This Sunday in the liturgical year, our remembrance was the Holy Family.
Jesus, Mary, Joseph, pray for us, now and at the hour of our death.
The Church encourages us to pray such short aspirations; such ejaculations bringing our minds and hearts toward God, towards, heaven, towards eternity.
We remember the Holy Family; we pray and ask for intercession; we see a model of family and family roles; we give thanks that Our Lord became flesh and dwelt among us.
In my own life, the troubles and the upsets, the criticism I receive and , yes, the love and the humour, the joy of Christmas, the connections and the wrenches, I can pray, ponder the Holy Family ...and I can store up these things in my heart and humbly ponder their meaning, waiting for God's light and wisdom and healing touch to arrive.
During Mass, during thanksgiving after Communion, I read some psalms. From a book of psalms. A Christmas present.
O God, thou knowest my rash doings,
no fault of mine is hidden from Thy sight.
Deus, tu scis insipientiam meam,
et delicta mea te non latent
This is strangely comforting for me. Maybe because of the truth it contains. That others, the psalmist, have felt the same as I.
Gotta love this Christmas season, the liturgy, the prayers. And gifts like this book of Psalms.
St Athanasius wrote ~
In the Psalter you learn about yourself. You find depicted in it all the movements of your soul, all its changes, its ups and downs, its failures and recoveries. Moreover, whatever your particular need or trouble, from this same book you can select a form of words to fit it, so that you do not merely hear and then pass on, but learn the way to remedy your ill. Prohibitions of evildoing are plentiful in Scripture, but only the Psalter tells you how to obey these orders and refrain from sin.
But the marvel with the Psalter is that, barring those prophecies about the Savior and some about the Gentiles, the reader takes all its words upon his lips as though they were his own, written for his special benefit, and takes them and recites them, not as though someone else were speaking or another person’s feelings being described, but as himself speaking of himself, offering the words to God as his own heart’s utterance, just as though he himself had made them up.

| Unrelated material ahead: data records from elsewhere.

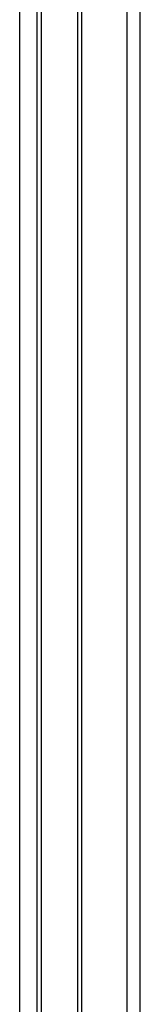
# Model space of a CAD drawing. Header units: inches. Extents: x 20 to 233, y 20 to 138.
# Tile 94 of 109: x 224.36 to 225.62, y 72.54 to 82.83. Entities that reach past the tile are written whole.
import ezdxf

# ---------------------------------------------------------------- set-up
doc = ezdxf.new("R2010")
doc.units = ezdxf.units.IN
doc.header["$MEASUREMENT"] = 0
doc.layers.add('Visible Edges(ANSI)', color=7, linetype='Continuous', lineweight=25)
doc.layers.add('Visible Tangent Edges(ANSI)', color=7, linetype='Continuous', lineweight=25)

msp = doc.modelspace()

# ---------------------------------------------------------------- linework, layer by layer
at = {"layer": 'Visible Edges(ANSI)'}
for p, q in [((224.584, 64.355), (224.584, 102.438)), ((224.536, 102.411), (224.536, 64.327))]:
    msp.add_line(p, q, dxfattribs=at)
at = {"layer": 'Visible Tangent Edges(ANSI)'}
for p, q in [((225.476, 103.114), (225.476, 64.034)), ((225.616, 64.034), (225.616, 103.114)), ((224.96, 102.789), (224.96, 64.903)), ((225.003, 102.753), (225.003, 64.939)), ((224.356, 64.479), (224.356, 102.467))]:
    msp.add_line(p, q, dxfattribs=at)

doc.saveas('drawing.dxf')
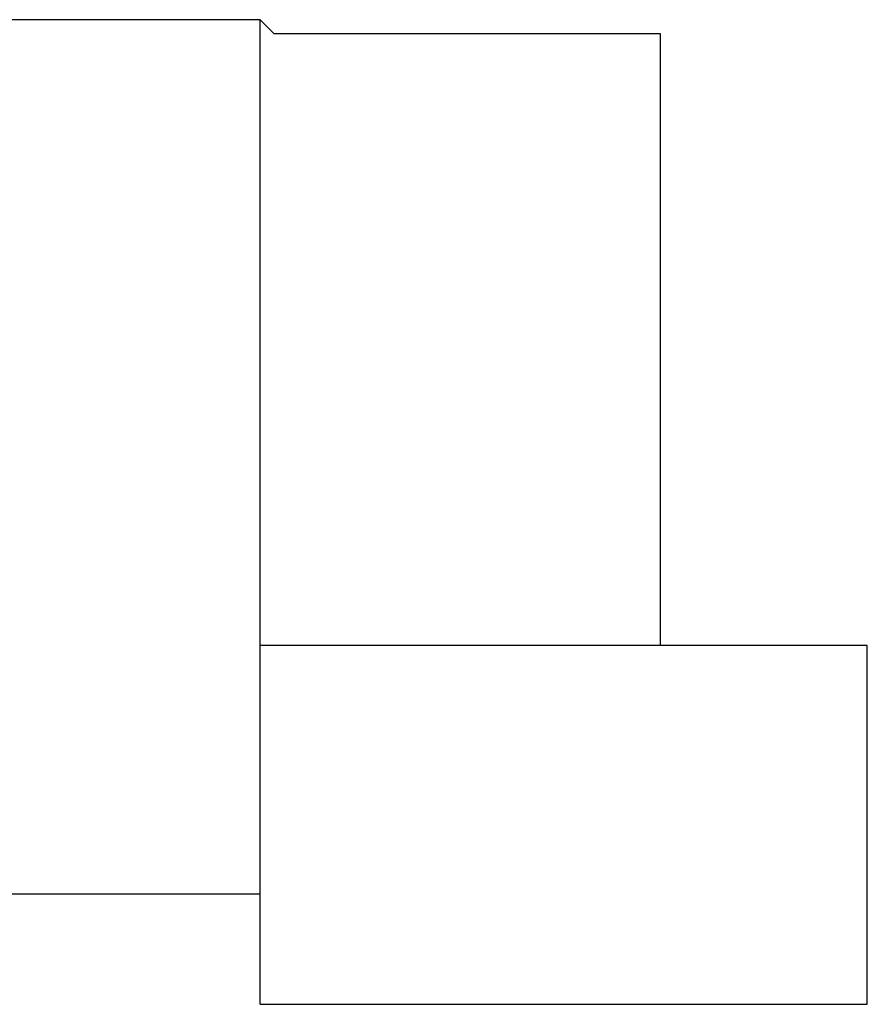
# Model space of a CAD drawing. Header units: millimetres. Extents: x 718 to 1157, y -195 to -52.
# Tile 61 of 156: x 1068.29 to 1072.97, y -110.64 to -105.21. Entities that reach past the tile are written whole.
import ezdxf

# ---------------------------------------------------------------- set-up
doc = ezdxf.new("R2010")
doc.units = ezdxf.units.MM
doc.header["$LTSCALE"] = 1.21
doc.header["$MEASUREMENT"] = 0
doc.layers.get('0').update_dxf_attribs({"linetype": 'CONTINUOUS'})

msp = doc.modelspace()

# ---------------------------------------------------------------- linework, layer by layer
at = {"color": 7, "linetype": 'Continuous'}
for p, q in [((1069.6194, -105.2054), (1043.5764, -105.2054)), ((1069.6194, -110.641), (1069.6194, -105.2054)), ((1069.6194, -105.2054), (1069.6956, -105.2816)), ((1069.6956, -105.2816), (1071.8292, -105.2816)), ((1071.8292, -105.2816), (1071.8292, -108.6598)), ((1072.9722, -108.6598), (1069.6194, -108.6598)), ((1072.9722, -110.641), (1072.9722, -108.6598)), ((1043.7326, -110.0314), (1069.6194, -110.0314)), ((1069.6194, -110.641), (1072.9722, -110.641))]:
    msp.add_line(p, q, dxfattribs=at)

doc.saveas('drawing.dxf')

It is possible for us, therefore to find in the Psalter not only the reflection of our own soul’s state, together with precept and example for all possible conditions, but also a fit form of words wherewith to please the Lord on each of life’s occasions, words both of repentance and of thankfulness, so that we fall not into sin; for it is not for our actions only that we must give account before the Judge, but also for our every idle word.